When developers plunk an acre of little-used grass in the midst of houses and call it a commons, it serves no function but to collect fertilizer, water and dog-doo and to make us cynical about the idea of shared space; if that’s a commons, give me my own postage stamp. The co-op housing is evidence that high density can be done right.
Alicia Springer
Chico
Stop bicycle bloodshed
On the morning of May 25, I was on my bicycle making a routine turn at an obscure intersection along the Avenues. As I turned left onto the road, a gentleman in a red pickup turned right onto the same road. Instantly, without expecting it, we were nearly side by side. His window was down and our eyes met (me to his left), at which point the man surprised me with a spontaneous, genuine and courteous “Good morning” before continuing down the road. For that split second we couldn’t have been more than five feet away from each other, but it was far from an at-risk moment.
The unexpected juxtaposition proved disarming and at the same time set off a cavalcade of perceptions and emotions.

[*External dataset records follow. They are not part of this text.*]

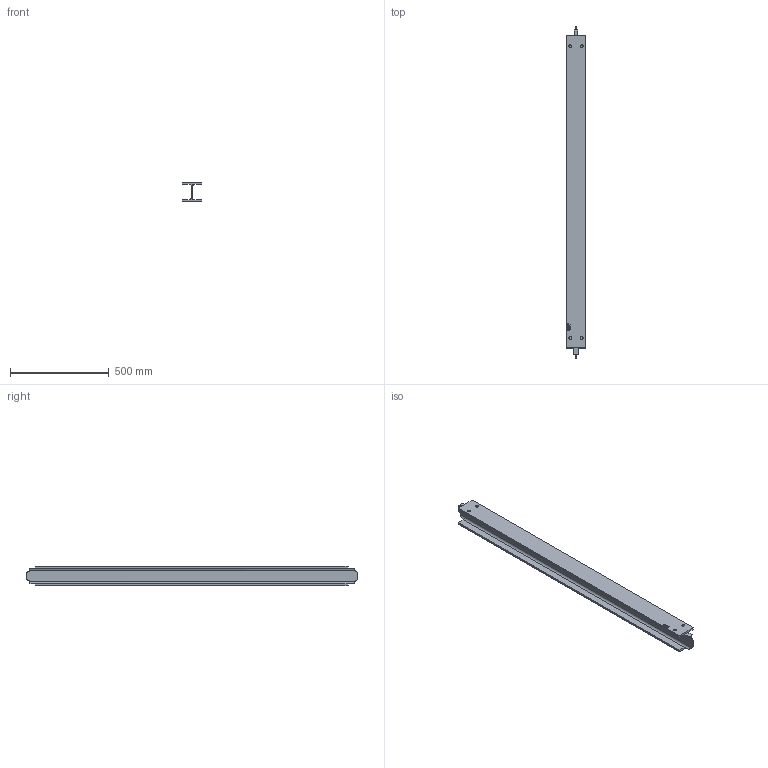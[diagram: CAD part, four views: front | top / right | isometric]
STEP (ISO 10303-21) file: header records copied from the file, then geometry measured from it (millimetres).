
FILE_DESCRIPTION (( 'STEP AP214' ), '1' );
FILE_NAME ('CCJ029-REP.009 - POUTRE DESCENTE ESCALIER.STEP', '2025-02-13T09:44:09', ( '' ), ( '' ), 'SwSTEP 2.0', 'SolidWorks 2021', '' );
FILE_SCHEMA (( 'AUTOMOTIVE_DESIGN' ));
Length unit declared in the file: millimetre
Products named in the file (1): CCJ029-REP.009 - POUTRE DESCENTE ESCALIER
Bounding box: 100 x 1678.5 x 100 mm (x, y, z)
Volume: 4152843.9 mm3; surface area: 918774.5 mm2
Topology: 1 solids, 1 shells, 74 faces, 198 edges, 132 vertices
Faces by surface type: plane 31, bspline 27, cylinder 16
Entity records: 4430 total; most frequent: CARTESIAN_POINT 2696, ORIENTED_EDGE 396, DIRECTION 264, EDGE_CURVE 198, VERTEX_POINT 132, LINE 104, VECTOR 104, EDGE_LOOP 88

It all had something to do with the often overlooked tension that exists between bicyclists and drivers. There have been too many occasions when I was either on a bike and nearly blown off the road by a careless driver or in a car suffering a near-fatal collision due to the act of a reckless bicyclist. And of course there’s my ongoing issue with bicyclists riding at night without lights.
In the midst of the current controversy about whether we need more parking space for more cars or fewer cars and more biking, maybe the best thing we can do is acknowledge the differences, the dangers and the need to have more respect for each other regardless of lifestyle, mode of transportation or point of view. And let’s make an effort to identify courtesy and road safety as an ongoing community issue.
Here’s a heartfelt acknowledgement to that man in the red pickup. I really appreciated that gesture this morning. Interestingly enough, it was the beginning of an extraordinary day.
Naz Esposito
Chico
School for King
I would prefer the Chapman Elementary School to be named after Martin Luther King Jr. than a park or a street. I believe the message of Dr. King’s life would be better served this way.